Most devices, as stated above, just have a "default" setting with one account that has total access (Admin Level).
Does this means that to hack into a stupid I-Pod I have to get an Admin Account (threshold +6) or that the basic Personal Account automatically grants me Admin privileges?

[hobgoblin]

it realy depends on what device is supposed to be used for i think.

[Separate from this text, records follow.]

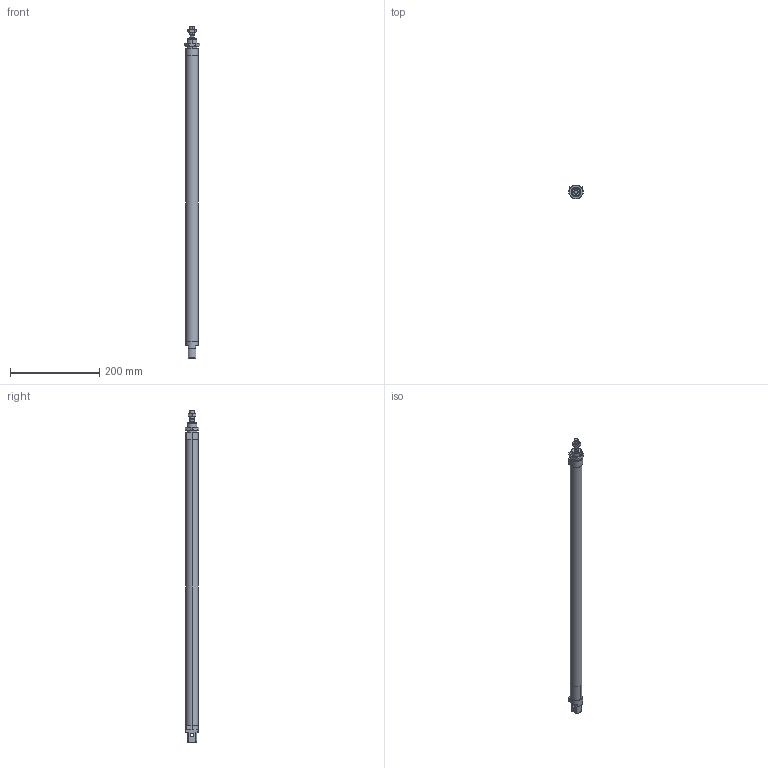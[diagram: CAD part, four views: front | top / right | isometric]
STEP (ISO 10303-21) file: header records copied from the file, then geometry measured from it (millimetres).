
FILE_DESCRIPTION((''),'2;1');
FILE_NAME('5226639190_ASM','2017-02-06T',('pug1hc'),(''),'PRO/ENGINEER BY PARAMETRIC TECHNOLOGY CORPORATION, 2012421','PRO/ENGINEER BY PARAMETRIC TECHNOLOGY CORPORATION, 2012421','');
FILE_SCHEMA(('CONFIG_CONTROL_DESIGN','SHAPE_APPEARANCE_LAYERS_GROUPS'));
Length unit declared in the file: millimetre
Products named in the file (5): 5226639190-A; 5226639190-B; 5226639190-C; 5226639190-D; 5226639190_ASM
Assembly tree (4 placements, depth 2):
  5226639190_ASM
    5226639190-A
    5226639190-B
    5226639190-C
    5226639190-D
Bounding box: 34.64 x 30 x 742 mm (x, y, z)
Volume: 165667.1 mm3; surface area: 143090.8 mm2
Topology: 4 solids, 4 shells, 126 faces, 286 edges, 178 vertices
Faces by surface type: plane 56, cylinder 34, cone 34, torus 2
Entity records: 4146 total; most frequent: CARTESIAN_POINT 1140, DIRECTION 630, ORIENTED_EDGE 572, EDGE_CURVE 286, AXIS2_PLACEMENT_3D 245, VERTEX_POINT 178, EDGE_LOOP 142, VECTOR 140
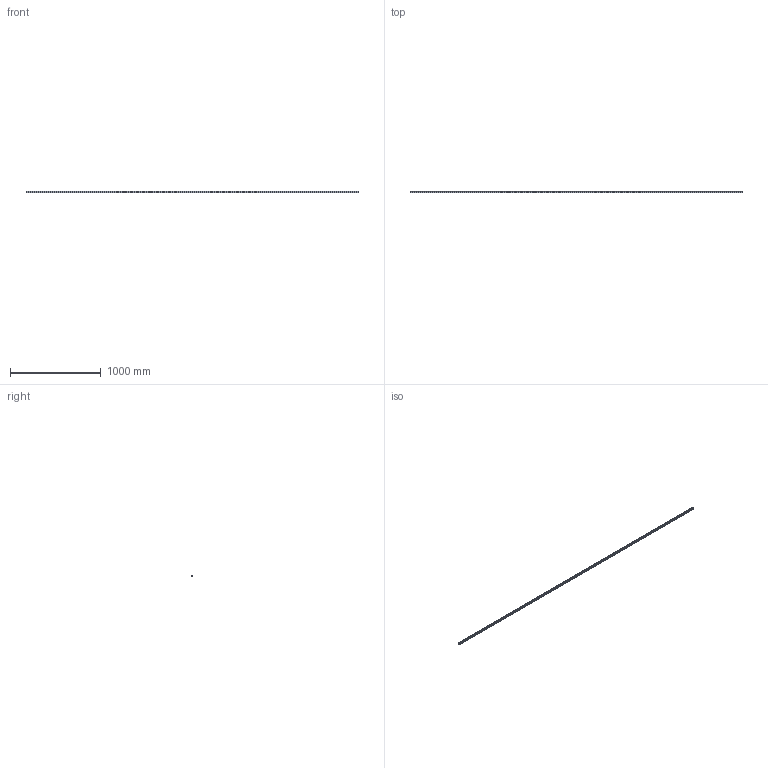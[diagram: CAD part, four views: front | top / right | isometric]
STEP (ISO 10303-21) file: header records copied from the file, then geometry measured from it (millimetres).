
FILE_DESCRIPTION (( 'STEP AP203' ), '1' );
FILE_NAME ('L1018.20R-3660.step', '2023-08-06T09:18:46', ( '' ), ( '' ), 'SwSTEP 2.0', 'SolidWorks 2019', '' );
FILE_SCHEMA (( 'CONFIG_CONTROL_DESIGN' ));
Length unit declared in the file: millimetre
Products named in the file (1): L1018.20R-3660
Bounding box: 3660 x 19.3 x 20 mm (x, y, z)
Volume: 1160689.5 mm3; surface area: 309525.8 mm2
Topology: 1 solids, 1 shells, 578 faces, 1301 edges, 725 vertices
Faces by surface type: cylinder 247, cone 244, plane 87
Entity records: 15272 total; most frequent: DIRECTION 2953, CARTESIAN_POINT 2483, ORIENTED_EDGE 2358, AXIS2_PLACEMENT_3D 1195, EDGE_CURVE 1179, VERTEX_POINT 725, EDGE_LOOP 700, CIRCLE 616

with a i-pod (or ares-pod as i guess it would be named in SR ;) ) i would hazard that it would grant you a admin account as if you requested a normal account. but if you try to attack someones comlink that only have a admin account i would think you would run into a higher treshold.

[ArchXL]

So........ is Dash back yet?

[Dashifen]

Yes, I'm back as of yesterday, but the inevitable back log of work-related stuff will probably delay the restart of the thread until tomorrow at the latest. At the very least I have to get through all of my email first!! But, this is basically a heads-up to let everyone know that I'm back. Also, Hasimir, I love the way you explained user-access vs. user-account above. Well done, sir.

[Dashifen]

Hrm ... I'm bogged down (if you couldn't tell by my extended two week absence) with real life at the moment. Honest question: is there still interest in continuing this thread? If so, do we want to continue with Aku's scenario? Would it assist people to switch to a different scenario? Bueller?

[Dv84good]

I am interest in the thread still but I think you and Aku should set up some time so there isn't 2 or 3 days inbetween a single dice roll. Thanks for what you have done.

[ZenOgre]

*knock knock*
hey Dash, hope you and Aku can carry on with this. I was lurking here for a while reading and figured i'd show my support for the topic. Brought up a bunch of good idea's and showed me how I could better describe my players encounters in a full VR setting.

**edit- me not proof reading**

[Gort]

Thanks for this thread, Dash, Aku.

Serbitar - By your argument, someone who takes their time to hack in and get an admin account would never be scanned ever. Have I read you wrong somewhere?